A Soverign Conversational Assistant Powered by ALIA and Mistral for the AI Act Age: Architecture, Governance and Evaluation

Cultural-heritage destinations are adopting digital twins and Living Labs to improve conservation, safety, and visitor experience. Operationalising these initiatives requires trustworthy interfaces capable of answering questions grounded in authoritative sources under public-sector governance constraints. We present a Sovereign Conversational Assistant (SCA) based on a small-language-model (SLM) plus retrieval-augmented generation (RAG) platform designed for the next generation Libelium Heritage Living Lab. This assistant is, therefore, agnostic from any specific LLM. Testing has focused on the usage of newly released, Barcelona Supercomputing Center’s own BSC-LT/ALIA-40b-instruct-2601 as well as the mistralai/Mistral-Small-3.2-24B-Instruct-2506, one of the SoTA standard bearer for mid-size SLMs. It integrates provenance logging, safety controls, and language enforcement.

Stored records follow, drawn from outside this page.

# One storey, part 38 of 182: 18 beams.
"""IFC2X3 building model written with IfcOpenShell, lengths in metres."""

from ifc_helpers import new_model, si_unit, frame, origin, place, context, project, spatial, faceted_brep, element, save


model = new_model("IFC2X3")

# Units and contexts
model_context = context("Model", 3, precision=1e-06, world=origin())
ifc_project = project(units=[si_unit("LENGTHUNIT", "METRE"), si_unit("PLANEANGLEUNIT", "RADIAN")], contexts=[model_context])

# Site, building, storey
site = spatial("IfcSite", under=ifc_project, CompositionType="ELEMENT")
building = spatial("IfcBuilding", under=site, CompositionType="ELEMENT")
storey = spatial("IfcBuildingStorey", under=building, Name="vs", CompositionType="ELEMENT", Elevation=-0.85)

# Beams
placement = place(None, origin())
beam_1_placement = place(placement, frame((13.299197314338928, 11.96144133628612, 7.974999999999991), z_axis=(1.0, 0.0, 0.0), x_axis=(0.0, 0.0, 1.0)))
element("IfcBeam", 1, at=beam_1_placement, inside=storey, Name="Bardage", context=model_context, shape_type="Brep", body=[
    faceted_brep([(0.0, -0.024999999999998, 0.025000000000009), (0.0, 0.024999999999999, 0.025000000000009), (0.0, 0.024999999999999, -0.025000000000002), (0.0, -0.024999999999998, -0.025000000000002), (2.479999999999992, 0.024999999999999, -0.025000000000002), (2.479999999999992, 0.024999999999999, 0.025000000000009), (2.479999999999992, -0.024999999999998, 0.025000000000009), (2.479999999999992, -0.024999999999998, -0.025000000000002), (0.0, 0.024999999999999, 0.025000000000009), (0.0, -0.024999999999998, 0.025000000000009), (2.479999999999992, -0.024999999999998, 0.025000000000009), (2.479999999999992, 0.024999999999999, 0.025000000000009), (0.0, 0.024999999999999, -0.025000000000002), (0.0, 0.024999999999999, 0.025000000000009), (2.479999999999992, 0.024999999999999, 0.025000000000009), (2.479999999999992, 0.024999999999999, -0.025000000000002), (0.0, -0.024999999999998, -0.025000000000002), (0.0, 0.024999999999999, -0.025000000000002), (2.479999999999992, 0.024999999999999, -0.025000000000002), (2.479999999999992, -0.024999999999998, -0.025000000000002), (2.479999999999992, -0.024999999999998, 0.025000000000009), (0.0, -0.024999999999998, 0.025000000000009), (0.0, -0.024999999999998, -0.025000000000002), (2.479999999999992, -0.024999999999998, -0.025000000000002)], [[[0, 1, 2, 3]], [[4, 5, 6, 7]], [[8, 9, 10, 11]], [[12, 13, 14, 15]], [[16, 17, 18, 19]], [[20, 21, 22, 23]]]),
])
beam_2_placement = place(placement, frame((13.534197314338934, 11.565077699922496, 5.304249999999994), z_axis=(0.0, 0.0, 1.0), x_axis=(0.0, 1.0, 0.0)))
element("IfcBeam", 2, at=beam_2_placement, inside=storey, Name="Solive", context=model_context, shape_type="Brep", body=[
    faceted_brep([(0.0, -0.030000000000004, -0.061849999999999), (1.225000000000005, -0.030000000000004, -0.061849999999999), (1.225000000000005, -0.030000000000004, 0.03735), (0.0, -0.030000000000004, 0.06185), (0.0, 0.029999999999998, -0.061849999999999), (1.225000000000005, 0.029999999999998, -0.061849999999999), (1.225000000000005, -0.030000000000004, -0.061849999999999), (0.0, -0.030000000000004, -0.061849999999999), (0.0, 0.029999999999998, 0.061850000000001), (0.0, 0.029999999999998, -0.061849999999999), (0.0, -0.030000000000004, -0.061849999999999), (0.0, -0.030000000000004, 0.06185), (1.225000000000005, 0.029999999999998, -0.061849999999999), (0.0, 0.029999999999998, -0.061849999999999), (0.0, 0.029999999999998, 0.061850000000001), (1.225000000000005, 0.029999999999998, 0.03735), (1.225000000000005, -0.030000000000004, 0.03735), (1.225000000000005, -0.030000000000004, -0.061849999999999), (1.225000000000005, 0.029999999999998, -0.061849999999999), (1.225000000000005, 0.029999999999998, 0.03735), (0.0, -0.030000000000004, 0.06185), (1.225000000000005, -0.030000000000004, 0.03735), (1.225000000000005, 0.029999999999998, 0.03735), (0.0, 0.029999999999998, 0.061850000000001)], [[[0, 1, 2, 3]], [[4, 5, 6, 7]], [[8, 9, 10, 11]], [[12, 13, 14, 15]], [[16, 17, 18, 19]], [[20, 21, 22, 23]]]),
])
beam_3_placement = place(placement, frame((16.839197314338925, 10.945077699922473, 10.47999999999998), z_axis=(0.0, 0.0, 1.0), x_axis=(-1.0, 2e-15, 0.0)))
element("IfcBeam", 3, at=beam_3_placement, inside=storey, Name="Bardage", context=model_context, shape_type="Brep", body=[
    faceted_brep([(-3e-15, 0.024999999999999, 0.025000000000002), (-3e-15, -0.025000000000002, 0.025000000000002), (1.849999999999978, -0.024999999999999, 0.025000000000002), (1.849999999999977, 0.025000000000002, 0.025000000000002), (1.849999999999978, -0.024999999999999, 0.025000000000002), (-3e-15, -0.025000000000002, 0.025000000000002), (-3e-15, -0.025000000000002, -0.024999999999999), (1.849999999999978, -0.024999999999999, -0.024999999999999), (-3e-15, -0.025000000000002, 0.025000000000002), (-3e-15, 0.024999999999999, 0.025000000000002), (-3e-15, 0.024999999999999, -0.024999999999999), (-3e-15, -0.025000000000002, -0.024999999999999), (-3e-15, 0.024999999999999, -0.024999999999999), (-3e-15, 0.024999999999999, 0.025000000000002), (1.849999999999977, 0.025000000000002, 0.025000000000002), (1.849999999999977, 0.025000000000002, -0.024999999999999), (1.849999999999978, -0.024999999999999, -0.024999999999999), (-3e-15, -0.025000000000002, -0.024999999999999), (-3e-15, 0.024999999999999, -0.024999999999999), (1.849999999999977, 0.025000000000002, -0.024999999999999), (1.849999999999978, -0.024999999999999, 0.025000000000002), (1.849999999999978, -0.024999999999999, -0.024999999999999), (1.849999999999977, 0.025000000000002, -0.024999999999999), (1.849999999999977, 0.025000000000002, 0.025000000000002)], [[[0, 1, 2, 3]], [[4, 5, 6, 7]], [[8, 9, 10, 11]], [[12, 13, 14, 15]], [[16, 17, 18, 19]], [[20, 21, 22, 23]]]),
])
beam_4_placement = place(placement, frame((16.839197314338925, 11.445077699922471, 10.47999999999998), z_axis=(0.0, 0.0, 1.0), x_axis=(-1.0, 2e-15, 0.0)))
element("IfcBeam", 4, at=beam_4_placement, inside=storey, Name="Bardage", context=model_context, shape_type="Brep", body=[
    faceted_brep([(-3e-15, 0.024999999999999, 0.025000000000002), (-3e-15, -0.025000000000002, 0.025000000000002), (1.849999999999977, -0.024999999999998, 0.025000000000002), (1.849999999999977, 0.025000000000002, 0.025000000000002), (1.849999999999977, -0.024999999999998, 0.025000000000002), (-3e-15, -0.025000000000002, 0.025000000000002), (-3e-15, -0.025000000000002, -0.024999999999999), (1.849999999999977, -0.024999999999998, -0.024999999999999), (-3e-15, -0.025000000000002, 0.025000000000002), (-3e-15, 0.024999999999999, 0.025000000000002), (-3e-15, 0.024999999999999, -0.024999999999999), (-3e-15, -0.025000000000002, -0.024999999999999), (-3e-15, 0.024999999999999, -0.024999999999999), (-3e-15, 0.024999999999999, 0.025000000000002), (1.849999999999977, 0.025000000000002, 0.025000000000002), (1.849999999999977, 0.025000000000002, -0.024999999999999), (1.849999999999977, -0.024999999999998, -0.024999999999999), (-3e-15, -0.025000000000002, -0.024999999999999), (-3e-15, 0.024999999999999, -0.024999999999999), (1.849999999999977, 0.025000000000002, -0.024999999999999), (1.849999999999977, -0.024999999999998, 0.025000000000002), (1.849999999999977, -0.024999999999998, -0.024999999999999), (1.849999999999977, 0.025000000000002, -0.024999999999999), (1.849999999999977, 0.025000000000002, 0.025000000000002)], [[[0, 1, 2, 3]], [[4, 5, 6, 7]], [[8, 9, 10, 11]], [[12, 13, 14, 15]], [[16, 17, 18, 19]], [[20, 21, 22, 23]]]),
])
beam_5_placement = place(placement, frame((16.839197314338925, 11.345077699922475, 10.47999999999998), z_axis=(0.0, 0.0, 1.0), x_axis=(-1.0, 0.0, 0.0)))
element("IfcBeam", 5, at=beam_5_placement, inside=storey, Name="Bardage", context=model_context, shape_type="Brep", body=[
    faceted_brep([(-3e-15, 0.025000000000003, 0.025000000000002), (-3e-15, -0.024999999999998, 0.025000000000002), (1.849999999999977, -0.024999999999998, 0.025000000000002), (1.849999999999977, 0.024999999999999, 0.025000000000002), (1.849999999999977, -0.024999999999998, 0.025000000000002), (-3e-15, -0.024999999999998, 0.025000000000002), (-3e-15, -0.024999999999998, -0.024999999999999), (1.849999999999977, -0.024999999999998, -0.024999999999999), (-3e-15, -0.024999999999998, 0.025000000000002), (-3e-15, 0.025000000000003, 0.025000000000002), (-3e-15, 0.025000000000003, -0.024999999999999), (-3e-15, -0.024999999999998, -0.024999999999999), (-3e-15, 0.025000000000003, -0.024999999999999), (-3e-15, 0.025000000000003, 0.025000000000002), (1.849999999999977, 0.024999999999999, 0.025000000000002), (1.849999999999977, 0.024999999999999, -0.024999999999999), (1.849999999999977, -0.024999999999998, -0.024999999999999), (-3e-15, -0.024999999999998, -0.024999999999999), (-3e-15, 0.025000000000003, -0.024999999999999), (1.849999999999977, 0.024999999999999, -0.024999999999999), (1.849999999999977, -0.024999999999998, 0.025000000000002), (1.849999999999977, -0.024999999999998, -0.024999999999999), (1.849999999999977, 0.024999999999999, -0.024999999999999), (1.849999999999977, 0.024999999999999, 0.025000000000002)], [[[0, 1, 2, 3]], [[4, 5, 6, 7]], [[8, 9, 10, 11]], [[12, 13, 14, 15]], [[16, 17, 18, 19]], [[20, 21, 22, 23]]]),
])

We evaluate the assistant benchmark on 19 tests across five categories: historical queries, client experience, data analysis, hallucination resistance, and safety/ethics. Our findings reveal that while both models adeptly retrieve factual historical and operational information, their reliability diverges under complex conditions. Mistral achieved a 100% pass rate across all tests, demonstrating strong analytical capabilities without hallucination and keeping up with the multilingual and safety guardrails, too. In contrast, ALIA struggled with numerical values drifting during data analysis and exhibited vulnerabilities in cross-language scenarios. The results show that a compact, sovereign RAG stack running on ALIA can meet core information needs in English and Spanish for Heritage Living Labs, while highlighting the necessity of refusal robustness and explicit multilingual control for public-facing deployment.